### INFORMATION SUPPLIED
###
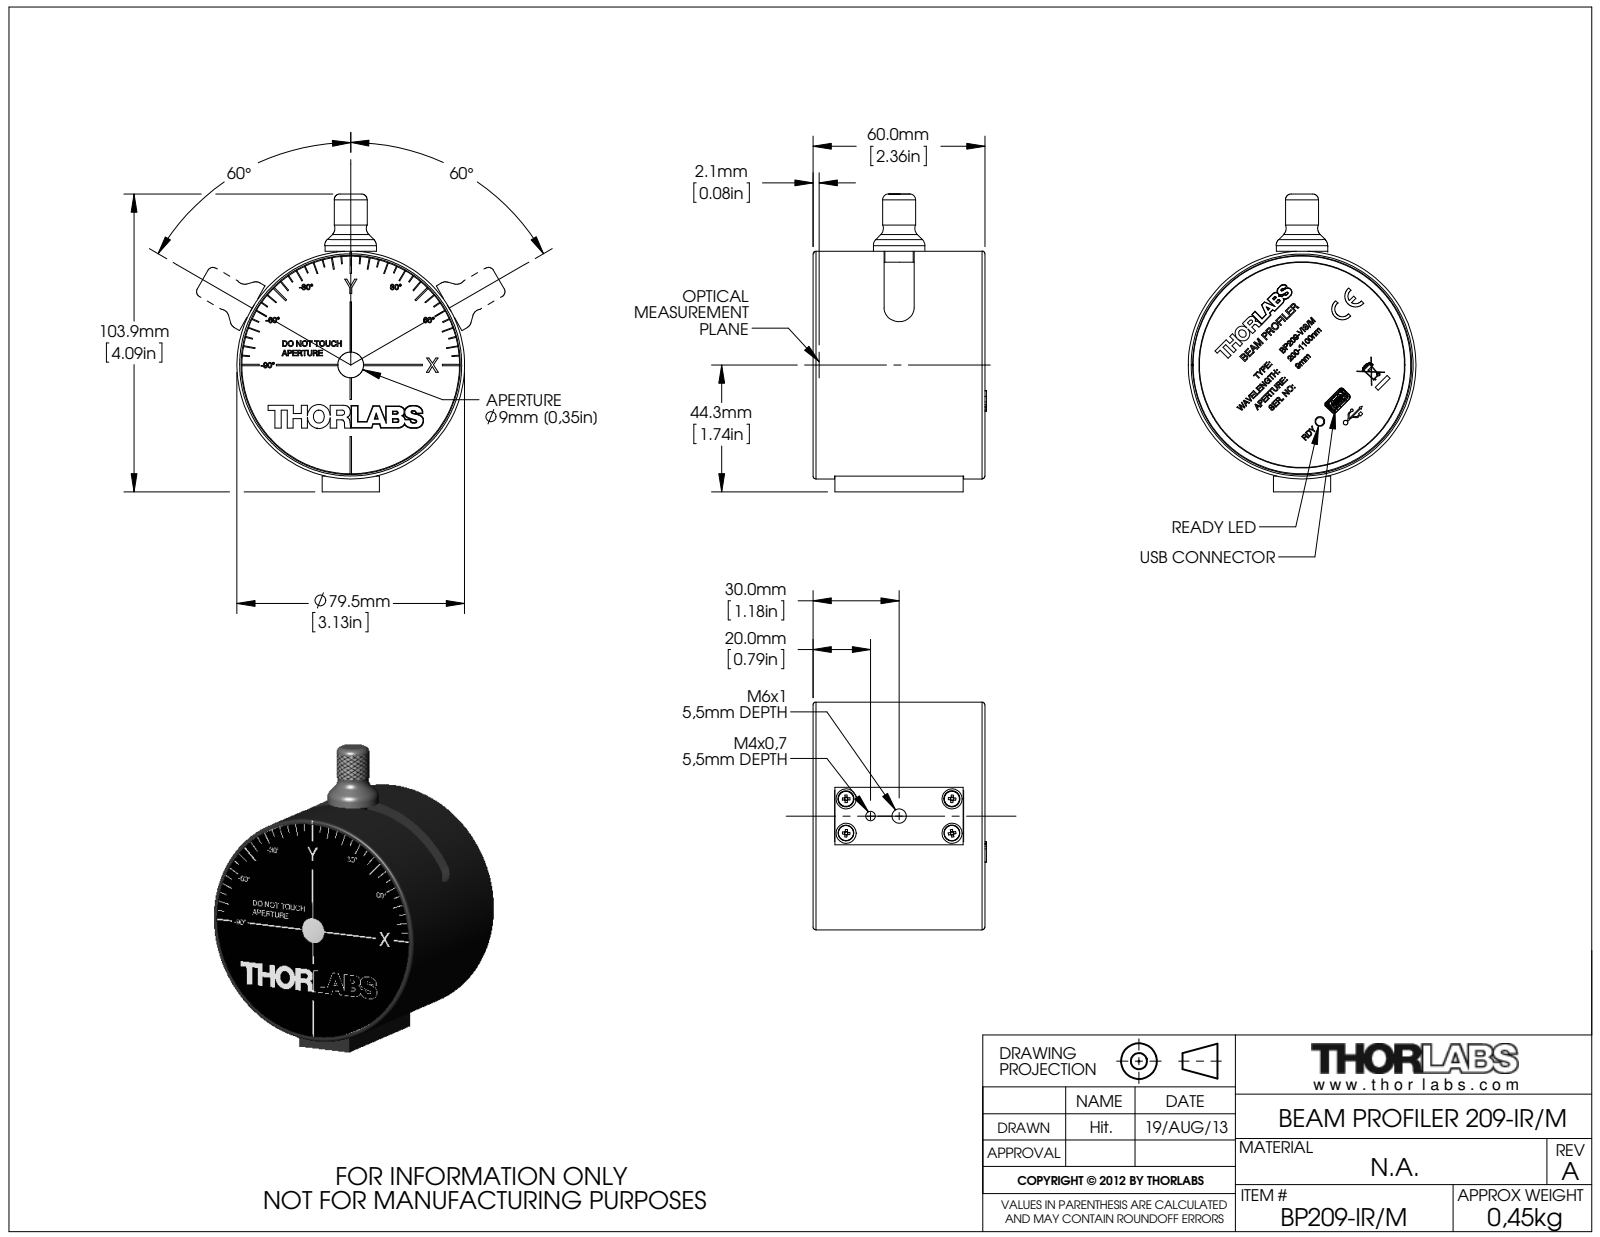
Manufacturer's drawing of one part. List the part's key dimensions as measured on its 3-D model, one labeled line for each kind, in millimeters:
Part name (STEP PRODUCT): 25067-E0W
STEP written by: SolidWorks 2012 (CONFIG_CONTROL_DESIGN)
Units: millimetres
Bodies: 14 solids, 3722 faces (2613 planar, 408 cylindrical, 701 other)
Overall size (bounding box): 103.95 × 79.5 × 60.5
Volume: 98 412 mm³ · Surface area: 99 234 mm²
Round holes (diameter × count): ⌀3.2 ×10, ⌀2.2 ×9, ⌀8 ×8, ⌀1.6 ×6, ⌀6.3 ×6, ⌀5 ×5, ⌀7 ×5, ⌀2.5 ×4, ⌀5.3 ×4, ⌀1 ×1, ⌀1.29 ×1, ⌀1.67 ×1
Round bosses / shafts (diameter × count): ⌀5.6 ×4, ⌀3 ×4, ⌀0.8 ×2, ⌀79.5 ×1, ⌀76 ×1, ⌀72.1 ×1, ⌀71.8 ×1, ⌀71.5 ×1
Partial cylindrical surfaces — rounded edges, fillets, slot ends (radius × count): R1.5 ×18, R4 ×16, R0.1 ×14, R0.2 ×14, R1 ×14, R0.3 ×9, R0.7 ×8, R5 ×8
Main face-to-face distances: 1, 59, 59.7, 60, 58, 0.7, 58.7, 0.5, 2, 1.5
Hole centre spacings: 23.73, 31, 43.84, 57.28, 27, 46.77, 27.01, 19.45
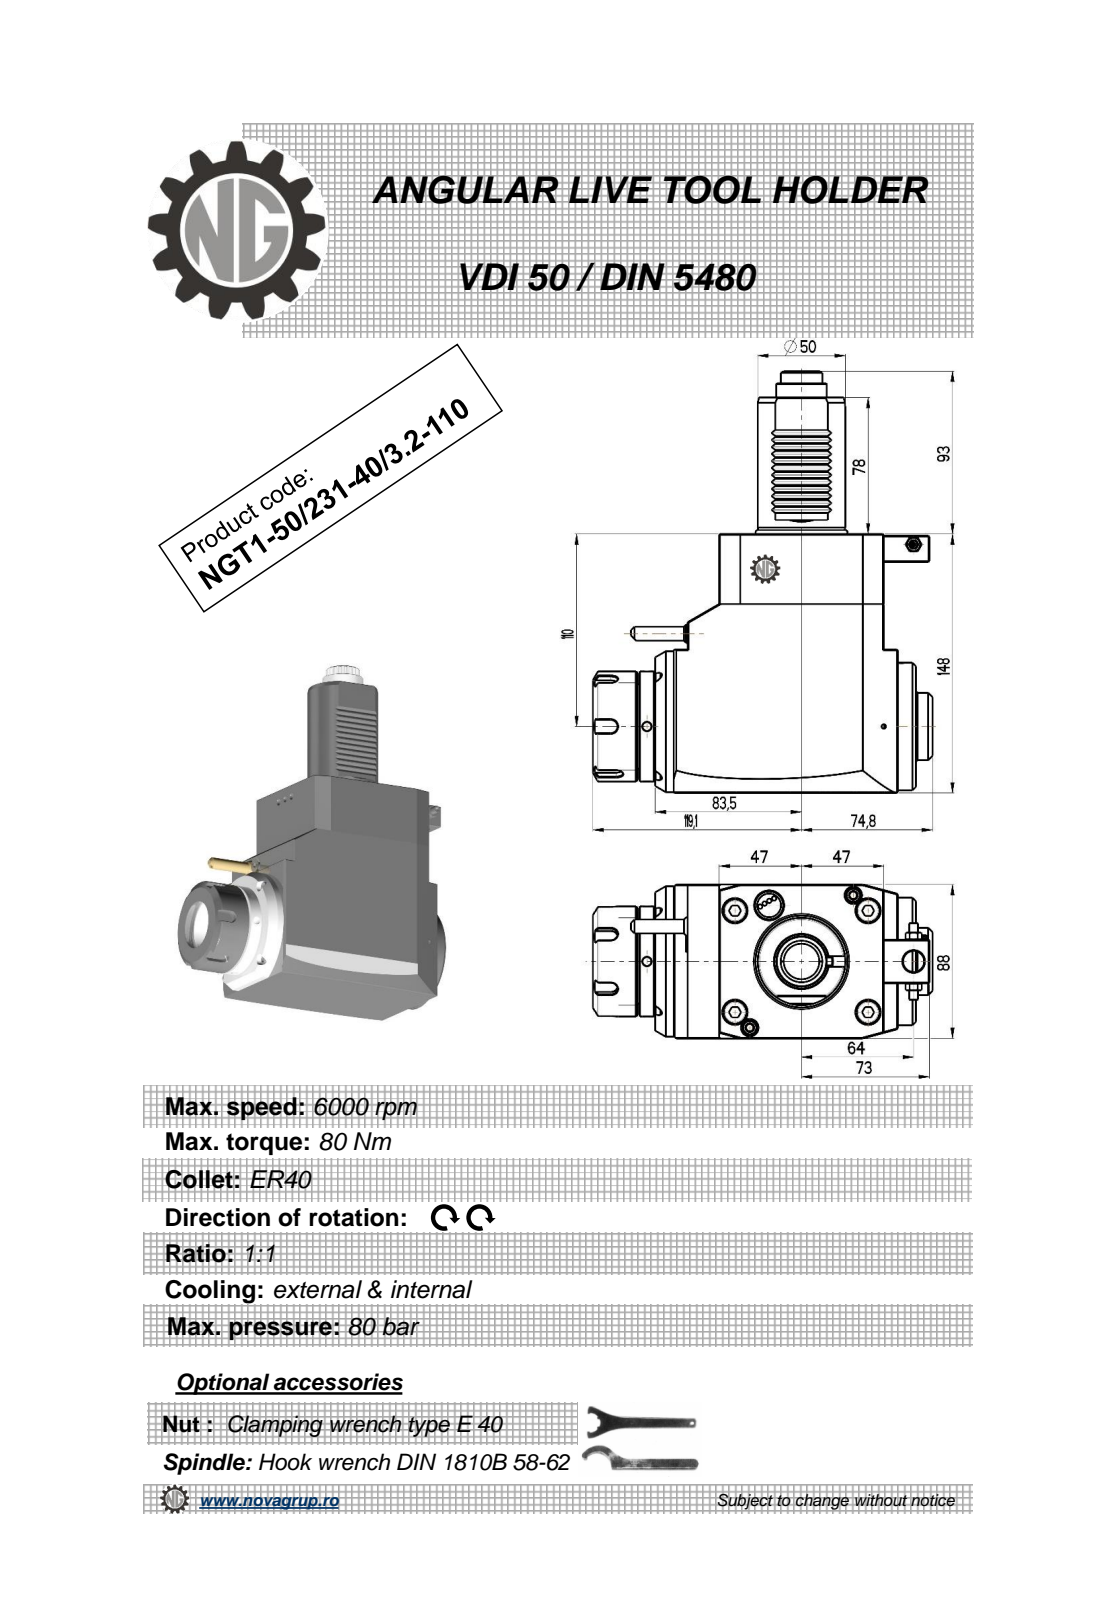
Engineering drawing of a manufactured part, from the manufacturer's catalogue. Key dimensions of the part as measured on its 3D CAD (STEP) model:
Part name (STEP PRODUCT): NGT1_50_231_40_3_2_110
STEP written by: PRO/ENGINEER BY PARAMETRIC TECHNOLOGY CORPORATION, 2010280 (CONFIG_CONTROL_DESIGN)
Units: millimetres
Bodies: 1 solid, 525 faces (207 planar, 165 cylindrical, 153 other)
Overall size (bounding box): 241 × 193.9 × 88
Volume: 1 857 000 mm³ · Surface area: 115 788 mm²
Round holes (diameter × count): ⌀5 ×3, ⌀3 ×1, ⌀4.2 ×1, ⌀9.5 ×1, ⌀12 ×1, ⌀33.5 ×1
Round bosses / shafts (diameter × count): ⌀86 ×1, ⌀73 ×1, ⌀63 ×1, ⌀51 ×1, ⌀50 ×1, ⌀40 ×1, ⌀38.5 ×1, ⌀28.8 ×1
Partial cylindrical surfaces — rounded edges, fillets, slot ends (radius × count): R3.04 ×36, R0.26 ×12, R0.3 ×12, R0.2 ×6, R3.75 ×5, R10.56 ×1, R11.88 ×1, R17.5 ×1
Main face-to-face distances: 88, 148, 94, 8, 120, 36.5, 130.5, 148.8, 112.3, 18.3
Hole centre spacings: 52.46, 56.65, 101.5, 152.25, 184.38
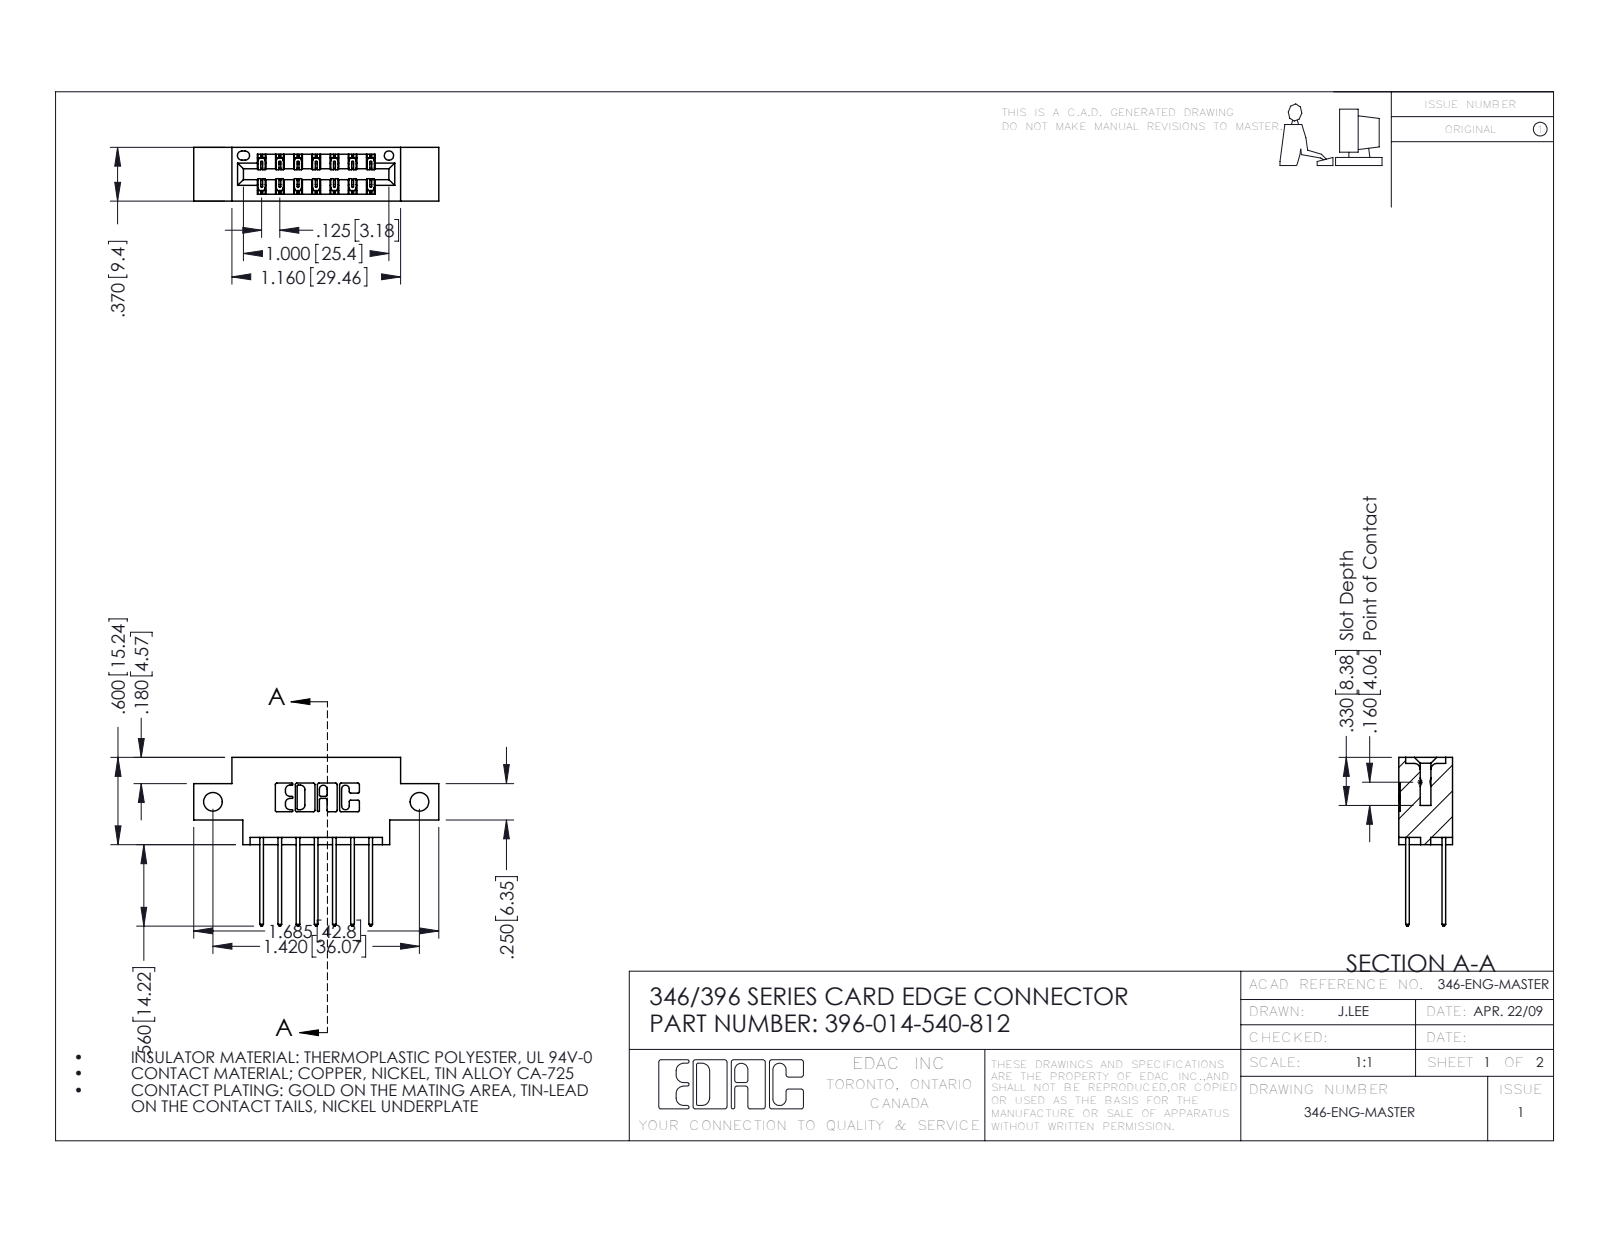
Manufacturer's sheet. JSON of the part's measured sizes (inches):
{"part_name": "396-014-540-812; 346 Part_0.170 Offset - Side Mount; 345-292-001_345-293-140", "step_written_by": "SolidWorks 2016 (CONFIG_CONTROL_DESIGN)", "units": "inches", "bodies": {"solids": 15, "faces": 854, "planar": 570, "cylindrical": 284, "other": 0}, "overall_size": [1.685, 1.16, 0.37], "volume_in3": 0.227, "surface_area_in2": 7.512, "round_holes": [[0.128, 2], [0.064, 1]], "partial_cylinders_radius": [[0.01, 22], [0.006, 21], [0.01, 14], [0.007, 6], [0.031, 6], [0.026, 3], [0.014, 2], [0.022, 2]], "face_to_face_distances": [0.25, 0.048, 0.322, 0.37, 0.072, 0.298, 0.025, 0.275, 0.225, 0.148], "hole_center_spacings": [1.42]}
###
### EXERCISE PROMPT
Return the material above verbatim. Pictures are to be excluded.

### RESPONSE TO THIS TASK
Manufacturer's drawing of one part. List the part's key dimensions as measured on its 3-D model, one labeled line for each kind, in millimeters:
Part name (STEP PRODUCT): 25067-E0W
STEP written by: SolidWorks 2012 (CONFIG_CONTROL_DESIGN)
Units: millimetres
Bodies: 14 solids, 3722 faces (2613 planar, 408 cylindrical, 701 other)
Overall size (bounding box): 103.95 × 79.5 × 60.5
Volume: 98 412 mm³ · Surface area: 99 234 mm²
Round holes (diameter × count): ⌀3.2 ×10, ⌀2.2 ×9, ⌀8 ×8, ⌀1.6 ×6, ⌀6.3 ×6, ⌀5 ×5, ⌀7 ×5, ⌀2.5 ×4, ⌀5.3 ×4, ⌀1 ×1, ⌀1.29 ×1, ⌀1.67 ×1
Round bosses / shafts (diameter × count): ⌀5.6 ×4, ⌀3 ×4, ⌀0.8 ×2, ⌀79.5 ×1, ⌀76 ×1, ⌀72.1 ×1, ⌀71.8 ×1, ⌀71.5 ×1
Partial cylindrical surfaces — rounded edges, fillets, slot ends (radius × count): R1.5 ×18, R4 ×16, R0.1 ×14, R0.2 ×14, R1 ×14, R0.3 ×9, R0.7 ×8, R5 ×8
Main face-to-face distances: 1, 59, 59.7, 60, 58, 0.7, 58.7, 0.5, 2, 1.5
Hole centre spacings: 23.73, 31, 43.84, 57.28, 27, 46.77, 27.01, 19.45
Engineering drawing of a manufactured part, from the manufacturer's catalogue. Key dimensions of the part as measured on its 3D CAD (STEP) model:
Part name (STEP PRODUCT): NGT1_50_231_40_3_2_110
STEP written by: PRO/ENGINEER BY PARAMETRIC TECHNOLOGY CORPORATION, 2010280 (CONFIG_CONTROL_DESIGN)
Units: millimetres
Bodies: 1 solid, 525 faces (207 planar, 165 cylindrical, 153 other)
Overall size (bounding box): 241 × 193.9 × 88
Volume: 1 857 000 mm³ · Surface area: 115 788 mm²
Round holes (diameter × count): ⌀5 ×3, ⌀3 ×1, ⌀4.2 ×1, ⌀9.5 ×1, ⌀12 ×1, ⌀33.5 ×1
Round bosses / shafts (diameter × count): ⌀86 ×1, ⌀73 ×1, ⌀63 ×1, ⌀51 ×1, ⌀50 ×1, ⌀40 ×1, ⌀38.5 ×1, ⌀28.8 ×1
Partial cylindrical surfaces — rounded edges, fillets, slot ends (radius × count): R3.04 ×36, R0.26 ×12, R0.3 ×12, R0.2 ×6, R3.75 ×5, R10.56 ×1, R11.88 ×1, R17.5 ×1
Main face-to-face distances: 88, 148, 94, 8, 120, 36.5, 130.5, 148.8, 112.3, 18.3
Hole centre spacings: 52.46, 56.65, 101.5, 152.25, 184.38
Manufacturer's sheet. JSON of the part's measured sizes (inches):
{"part_name": "396-014-540-812; 346 Part_0.170 Offset - Side Mount; 345-292-001_345-293-140", "step_written_by": "SolidWorks 2016 (CONFIG_CONTROL_DESIGN)", "units": "inches", "bodies": {"solids": 15, "faces": 854, "planar": 570, "cylindrical": 284, "other": 0}, "overall_size": [1.685, 1.16, 0.37], "volume_in3": 0.227, "surface_area_in2": 7.512, "round_holes": [[0.128, 2], [0.064, 1]], "partial_cylinders_radius": [[0.01, 22], [0.006, 21], [0.01, 14], [0.007, 6], [0.031, 6], [0.026, 3], [0.014, 2], [0.022, 2]], "face_to_face_distances": [0.25, 0.048, 0.322, 0.37, 0.072, 0.298, 0.025, 0.275, 0.225, 0.148], "hole_center_spacings": [1.42]}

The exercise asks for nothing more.